Google is embedding deeper artificial intelligence capabilities into its dominant Chrome browser, introducing agentic tools that autonomously handle web tasks amid intensifying competition from AI-native rivals. On January 28, 2026, the company unveiled updates powered by its Gemini 3 model, including a persistent side panel for the Gemini chatbot, image generation via Nano Banana, Personal Intelligence for tailored responses, and Auto Browse for executing multi-step commands across sites.
These enhancements arrive as Chrome, with over 65% global market share, faces pressure from OpenAI’s Atlas browser launched in October 2025, which integrates ChatGPT and triggered a 2% drop in Alphabet shares, according to CNBC. Google Chrome Vice President Parisa Tabriz wrote in a blog post, “Chrome will remember context from past conversations so you get uniquely tailored answers to whatever you’re looking for across the web and you can already add specific instructions to Gemini to get more tailored responses.”
The side panel redesign keeps Gemini accessible without disrupting workflows on MacOS, Windows, and Chromebook Plus devices in the U.S., enabling users to query content across tabs, summarize videos, or compare options seamlessly, as detailed in Google’s official blog at blog.google.
Agentic Dawn with Auto Browse
Central to the rollout is Auto Browse, an agentic feature exclusive to Google AI Pro and Ultra subscribers in the U.S., allowing Gemini to navigate sites, filter results, and perform actions like “Go through my favorited apartments on Redfin and remove any that are not pet friendly,” per the CNBC report. In a demo, Product Lead Charmaine D’Silva tasked Gemini with planning a family vacation by cross-referencing travel sites, school calendars, and schedules, as covered by CNET.
Built on Gemini 3, released late last year, Auto Browse supports Google’s Universal Commerce Protocol (UCP), co-developed with Shopify, Etsy, Wayfair, and Target, to enable seamless agentic commerce. This positions Chrome as a proactive platform, evolving from passive browsing, according to SiliconANGLE.

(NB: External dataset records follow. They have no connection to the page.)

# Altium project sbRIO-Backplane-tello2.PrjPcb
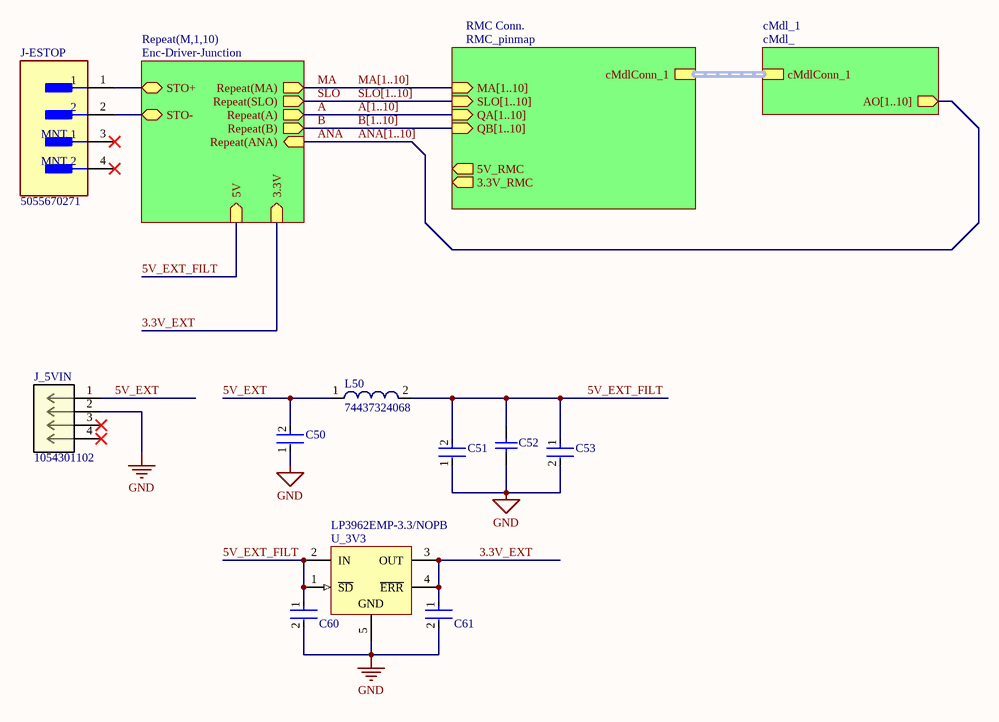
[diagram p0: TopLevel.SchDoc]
4 sheets, 123 parts. Net scope: hierarchical (ports join the sheet entries above them; power ports are global).
Board files: PCB2.PcbDoc, PCB1.PcbDoc
Sheets:
  TopLevel.SchDoc
    RMC Conn. = RMC_pinmap.SchDoc
    cMdl_1 = cMdl_.SchDoc
    M1 = Enc-Driver-Junction.SchDoc
    M2 = Enc-Driver-Junction.SchDoc
    M3 = Enc-Driver-Junction.SchDoc
    M4 = Enc-Driver-Junction.SchDoc
    M5 = Enc-Driver-Junction.SchDoc
    M6 = Enc-Driver-Junction.SchDoc
    M7 = Enc-Driver-Junction.SchDoc
    M8 = Enc-Driver-Junction.SchDoc
    M9 = Enc-Driver-Junction.SchDoc
    M10 = Enc-Driver-Junction.SchDoc

## Sheet TopLevel.SchDoc
size A; SheetNumber: 1; SheetTotal: 4

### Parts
C50  GRM155R71C104KA88D  [FP-GRM15-MFG]  (value not drawn)
C51  GRM155R71C104KA88D  [FP-GRM15-MFG]  (value not drawn)
C52  GRM31CR60J107ME39L  [CAPC3216X190X55ML30T25]  (value not drawn)
C53  0402YC103KAT2A  [FP-0402-L_1_0_1-W_0_5_0_1-MFG]  (value not drawn)
C60  C3216X5R1A686M160AC  [FP-C3216-160-0_3-MFG]  (value not drawn)
C61  C2012X5R0J336M125AC  [FP-C2012-125-0_2-IPC_C]  (value not drawn)
J-ESTOP  5055670271  [FP-5055670271-MFG]
J_5VIN  1054301102  [CON_1054301102_MOL]
L50  74437324068  [WE-LHMI 4020]
U_3V3  LP3962EMP-3.3/NOPB  [NDC0005A_M]

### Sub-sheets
cMdl_1 = cMdl_: cMdlConn_1 (harness cMdlConn_1), AO[1..10] (out)
Repeat(M,1,10) = Enc-Driver-Junction: STO- (bidir), Repeat(MA) (out), STO+ (bidir), Repeat(SLO) (out), Repeat(A) (out), Repeat(B) (out), Repeat(ANA) (in), 5V (in), 3.3V (in)
RMC Conn. = RMC_pinmap: cMdlConn_1 (harness cMdlConn_1), SLO[1..10] (in), MA[1..10] (in), QA[1..10] (in), QB[1..10] (in), 5V_RMC (out), 3.3V_RMC (out)

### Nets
GND: C50.1 C51.1 C52.1 C53.2 C60.2 C61.2 J_5VIN.2 U_3V3.5(GND)
3.3V_EXT: C61.1 U_3V3.3(OUT) U_3V3.4(~{ERR}) ; sheet Repeat(M,1,10)/3.3V
5V_EXT: C50.2 J_5VIN.1 L50.1
5V_EXT_FILT: C51.2 C52.2 C53.1 C60.1 L50.2 U_3V3.1(~{SD}) U_3V3.2(IN) ; sheet Repeat(M,1,10)/5V  [project net 5V]
STO+: J-ESTOP.1 ; sheet Repeat(M,1,10)/STO+
STO-: J-ESTOP.2 ; sheet Repeat(M,1,10)/STO-

Not connected (* = marked no-connect by the designer): J-ESTOP 3(MNT_1)* 4(MNT_2)*; J_5VIN 3* 4*

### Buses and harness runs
bus A[1..10] = sheet RMC Conn./QA[1..10]
bus ANA[1..10] = sheet cMdl_1/AO[1..10]
bus B[1..10] = sheet RMC Conn./QB[1..10]
bus MA[1..10] = sheet RMC Conn./MA[1..10]
bus SLO[1..10] = sheet RMC Conn./SLO[1..10]
harness sheet cMdl_1/cMdlConn_1 = sheet RMC Conn./cMdlConn_1

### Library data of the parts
C50 C51 = CMP-2100-03641-2: CAP CER 0.1UF 16V X7R 0402; Manufacturer: Murata; Standoff Height: 0mm; Tolerance: 10%; Voltage Rating: 16Vdc; Material: Ceramic; Capacitance: 0.10μF; Value: 0.10μF
C52 = CMP-1662-00011-2: Chip Capacitor, 100 uF, +/- 20%, 6.3 V, -55 to 85 degC, 1206 (3216 Metric), RoHS, Tape and Reel; Case\/Package: 1206; Capacitance: 100 uF; Voltage Rating (DC): 6.3 V; Type (Capacitors): X5R
C53 = CMP-2008-02797-2: General Purpose Ceramic Capacitor, 0402, 10nF, 10%, X7R, 15%, 16V; Insulation Resistance: 100GR
C60 = CMP-08246-002634-1: CAP CER 68UF 10V X5R 1206; Tolerance: 20%; Dielectric Material: Ceramic
C61 = CMP-08246-003796-1: Multilayer Ceramic Capacitors 33μF ±20% 6.3V X5R SMD 0805; Capacitance: 33uF
J-ESTOP = CMP-04776-000017-1: CONN HEADER SMD R/A 2POS 1.25MM; Manufacturer: Molex; Voltage Rating: 50V; Current Rating: 1.5A; Description: Conn Shrouded Header (4 Sides) HDR 2 POS 1.25mm Solder RA Side Entry SMD Micro-Lock™ T/R; Conn Orientation: Right Angle; Conn Gender: Male; Number Of Contacts: 2
J_5VIN = 1054301102: No Description Available; Mfr_Name: Molex Connector Corporation
L50 = CMP-1353-00039-1: SMD Power Inductor WE-LHMI, L=6.8 µH; Manufacturer: Wuerth Elektronik; Inductance: 6.8 ÂµH
U_3V3 = CMP-0062-01662-3: 1.5A Fast Ultra Low Dropout Linear Regulator, 5-pin SOT-223, Pb-Free; Manufacturer: Texas Instruments; CompType: LDO IC; PowerWise: N; PackageTopMarking: XYTT*LBEB

## Sheet RMC_pinmap.SchDoc
size A2; SheetNumber: 2; SheetTotal: 4
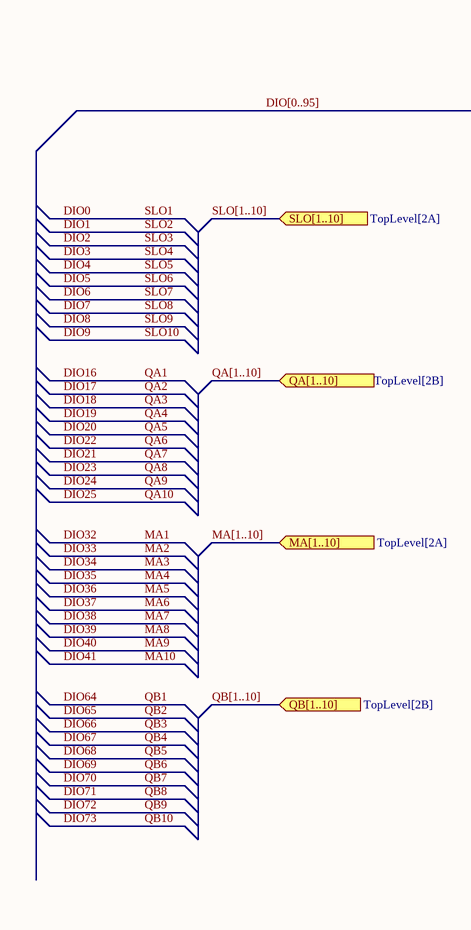
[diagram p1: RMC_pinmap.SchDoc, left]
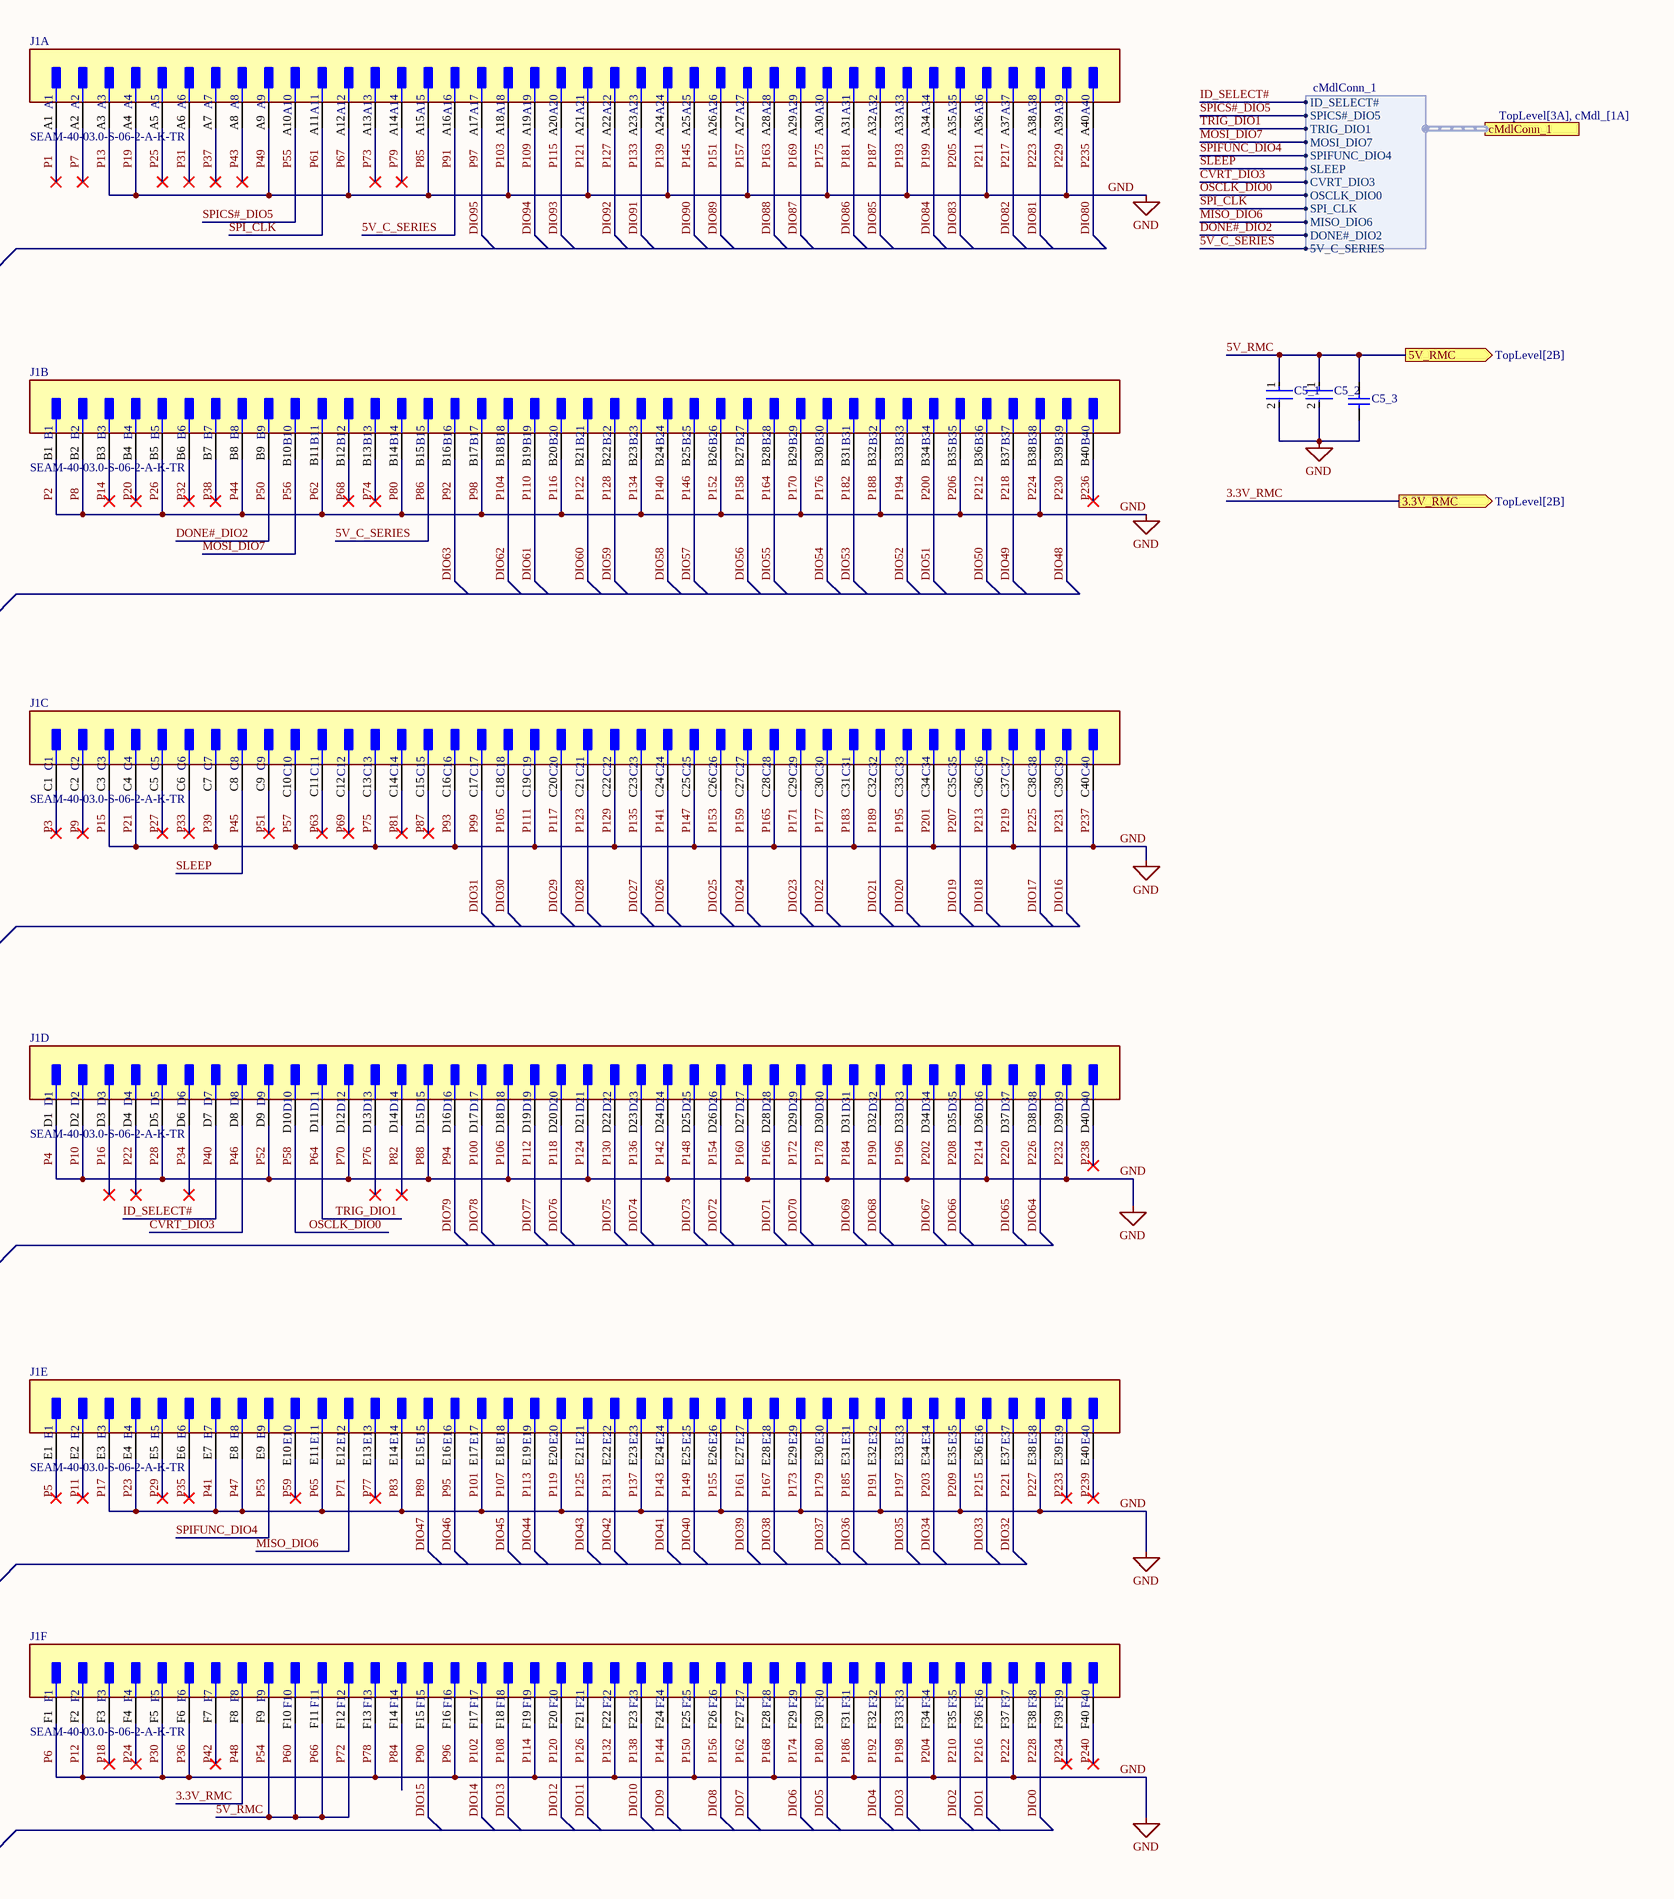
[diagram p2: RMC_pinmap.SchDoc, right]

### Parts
C5_1  C0402C105K8PACTU  [FP-C0402C105K8PACTU-MFG]  (value not drawn)
C5_2  CL05A106MP5NUNC  [FP-CL05A106MP5NUNC-MFG]  (value not drawn)
C5_3  04026D104KAT2A  [CAPC1005X56X25LL10T15]  (value not drawn)
J1  SEAM-40-03.0-S-06-2-A-K-TR  [FP-SEAM-40-03_0-S-06-2-A-MFG]  (parts A,B,C,D,E,F of 6)

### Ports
3.3V_RMC (out, see TopLevel[2B]), 5V_RMC (out, see TopLevel[2B]), cMdlConn_1 (harness cMdlConn_1, see TopLevel[3A], cMdl_[1A]), MA[1..10] (in, see TopLevel[2A]), QA[1..10] (in, see TopLevel[2B]), QB[1..10] (in, see TopLevel[2B]), SLO[1..10] (in, see TopLevel[2A])

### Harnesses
cMdlConn_1: ID_SELECT#, SPICS#_DIO5, TRIG_DIO1, MOSI_DIO7, SPIFUNC_DIO4, SLEEP, CVRT_DIO3, OSCLK_DIO0, SPI_CLK, MISO_DIO6, DONE#_DIO2, 5V_C_SERIES

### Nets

Personalization via Connected Intelligence
Personal Intelligence, first launched in the Gemini app earlier in January 2026, extends to Chrome soon, linking data from Gmail, Google Photos, Calendar, YouTube, Maps, and more for hyper-personalized assistance. Users can instruct Gemini on preferences, such as dietary needs for recipes, without repeated explanations, enhancing continuity across sessions.
Nano Banana brings on-demand image generation and editing directly in the browser—no uploads required. While viewing an image, users prompt Gemini via the side panel to transform it, streamlining creative workflows, as noted by Engadget.
Strategic Push Amid Monopoly Scrutiny
These moves follow a September 2025 U.S. district court ruling deeming Google’s search practices monopolistic, though it avoided mandating Chrome divestiture—a decision Google appealed in January 2026. Post-ruling, Chrome integrated deeper Google app access in September 2025, per CNBC.
Google DeepMind CEO Demis Hassabis envisions a “universal assistant” that plans and acts across devices, a goal these features advance. Chrome now recalls browsing history, suggests prompts via AI Mode in the address bar, and bolsters security with Gemini Nano detecting scams, fake alerts, and auto-updating compromised passwords on sites like Coursera and Spotify.
Browser Wars Heat Up
OpenAI’s Atlas and Anthropic’s Claude tools challenge Chrome, but Google’s scale—over 3 billion users—amplifies reach. Unlike cloud-reliant rivals, Gemini Nano enables on-device processing for privacy-sensitive tasks. Gemini in Chrome rolled out broadly in September 2025 without subscriptions, expanding to iOS and ChromeOS 144 by January 2026, as reported by 9to5Google and TechRepublic.
Enterprise focus includes Google Workspace integrations with data controls, rolling out to businesses soon. On mobile, Android users access via power button; iOS gets tab-aware queries. Features remain optional, preserving user control over data and history deletion.
Road Ahead for AI-Driven Browsing
Future updates promise fuller agentic capabilities, like automated grocery reorders or bookings, teased since September 2025 blogs. Parisa Tabriz emphasized in a press conference, “We live our lives on the web,” framing Auto Browse for “digital laundry,” via ZDNet.
While previews limit access, broad rollout eyes all users, balancing innovation with trust amid AI hallucination risks. Google’s Chrome evolution underscores its bet on embedded AI to retain dominance in an era where browsers become intelligent operatives.